Friendship is something we hold very close to our hearts. I believe TRUST is a very important factor for all relationships. When trust is broken, it is the end of the relationship. I have never had a problem with trusting any of my friends. the very fact that they are my friends, is bcoz I trust them. And i trust them blindly - would go out of my way to help them at times. Whatever I do for my friends, I have always received much more in return from them....in terms of love, affection, concern, etc. I know that if I ever have any problem, they would be there for me.

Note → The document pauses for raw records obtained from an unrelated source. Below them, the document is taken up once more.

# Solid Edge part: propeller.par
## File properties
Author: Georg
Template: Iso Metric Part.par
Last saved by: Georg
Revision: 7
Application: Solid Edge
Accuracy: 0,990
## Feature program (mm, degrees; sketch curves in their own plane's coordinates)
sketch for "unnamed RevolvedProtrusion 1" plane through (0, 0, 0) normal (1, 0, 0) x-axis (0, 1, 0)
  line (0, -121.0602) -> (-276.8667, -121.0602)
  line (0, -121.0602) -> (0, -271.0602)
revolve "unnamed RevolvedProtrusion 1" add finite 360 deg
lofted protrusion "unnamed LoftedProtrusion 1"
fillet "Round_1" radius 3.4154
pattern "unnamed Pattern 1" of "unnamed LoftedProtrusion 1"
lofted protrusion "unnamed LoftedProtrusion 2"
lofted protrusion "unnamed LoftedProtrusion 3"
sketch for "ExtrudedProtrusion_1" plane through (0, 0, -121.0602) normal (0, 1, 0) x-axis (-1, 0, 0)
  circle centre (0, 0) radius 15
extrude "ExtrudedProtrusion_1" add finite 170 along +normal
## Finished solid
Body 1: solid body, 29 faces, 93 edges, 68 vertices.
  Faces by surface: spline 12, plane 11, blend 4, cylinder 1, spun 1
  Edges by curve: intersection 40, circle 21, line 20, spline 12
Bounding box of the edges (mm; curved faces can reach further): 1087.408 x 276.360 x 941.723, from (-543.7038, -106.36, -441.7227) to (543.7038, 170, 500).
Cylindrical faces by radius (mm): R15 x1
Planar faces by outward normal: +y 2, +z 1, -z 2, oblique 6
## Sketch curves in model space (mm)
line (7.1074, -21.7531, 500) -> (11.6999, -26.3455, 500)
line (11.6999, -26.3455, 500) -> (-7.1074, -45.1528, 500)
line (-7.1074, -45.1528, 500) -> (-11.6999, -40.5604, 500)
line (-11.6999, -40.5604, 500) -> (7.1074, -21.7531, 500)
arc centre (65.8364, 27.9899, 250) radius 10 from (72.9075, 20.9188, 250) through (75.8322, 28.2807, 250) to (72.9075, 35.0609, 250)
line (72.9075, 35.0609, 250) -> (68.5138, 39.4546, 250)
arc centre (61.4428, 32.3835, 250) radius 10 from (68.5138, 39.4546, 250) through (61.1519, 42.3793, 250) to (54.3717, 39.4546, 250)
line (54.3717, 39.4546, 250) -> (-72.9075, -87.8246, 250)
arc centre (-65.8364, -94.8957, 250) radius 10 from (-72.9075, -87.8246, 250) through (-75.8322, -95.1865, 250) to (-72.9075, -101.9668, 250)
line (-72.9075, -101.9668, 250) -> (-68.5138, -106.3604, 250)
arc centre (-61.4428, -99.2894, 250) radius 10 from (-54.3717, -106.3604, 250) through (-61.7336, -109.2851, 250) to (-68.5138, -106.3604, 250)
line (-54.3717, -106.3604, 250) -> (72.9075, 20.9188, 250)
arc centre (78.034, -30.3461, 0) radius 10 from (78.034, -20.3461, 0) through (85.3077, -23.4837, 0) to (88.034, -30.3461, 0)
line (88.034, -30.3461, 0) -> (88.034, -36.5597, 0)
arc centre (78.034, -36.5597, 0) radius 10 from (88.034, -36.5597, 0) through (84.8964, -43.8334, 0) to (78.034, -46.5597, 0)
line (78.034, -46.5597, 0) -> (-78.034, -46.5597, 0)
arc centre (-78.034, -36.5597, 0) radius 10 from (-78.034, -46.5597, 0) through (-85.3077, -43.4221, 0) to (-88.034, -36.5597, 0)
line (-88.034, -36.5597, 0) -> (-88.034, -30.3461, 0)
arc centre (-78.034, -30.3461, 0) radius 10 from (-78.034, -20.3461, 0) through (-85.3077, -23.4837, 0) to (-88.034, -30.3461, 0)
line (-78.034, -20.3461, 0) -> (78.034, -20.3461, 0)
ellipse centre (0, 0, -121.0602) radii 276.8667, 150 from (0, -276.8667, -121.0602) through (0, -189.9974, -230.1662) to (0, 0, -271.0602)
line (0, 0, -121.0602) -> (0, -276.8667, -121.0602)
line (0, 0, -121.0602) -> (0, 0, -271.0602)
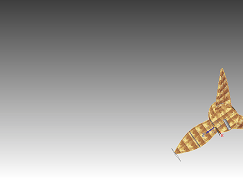
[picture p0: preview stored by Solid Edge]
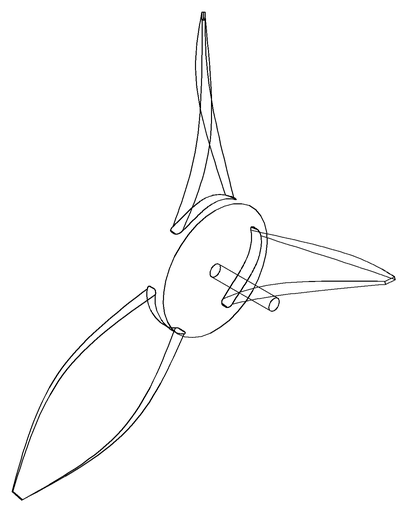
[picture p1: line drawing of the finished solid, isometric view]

But only now i have realized that looks can be deceptive. I knew that before too, but never realized that people can hold pretensions for a long time! I used to think that people could not pretend to be different for a long time. Sooner or later, their true form emerges. But I was wrong. I have realized and have paid the cost for trusting people blindly. People are not what they appear to be. Some of their lives are too complicated for even themselves to sort out. I have been hurt and swore to guard myself against such hurt in the future. But at times, when I reflect on what happened, I feel I should sympathize with my so-called-friend. Maybe there was a reason why they behaved the way they did. But I have some rigid principles in my life. And I can’t take anyone not following these basic principles. I actually forgive people easily……because of the simple reason that I tend to forget very easily! But when he principles are tampered with……I can’t forgive….nor can I forget. So life goes on……as time stops for no one……and I move on too…..with one friend less…..but maybe its for the better……many more friends to make in the new year J
1 comment:
You fine sweets... I know it comes quite late...but I saw the blog just today... Wanna talk abt it?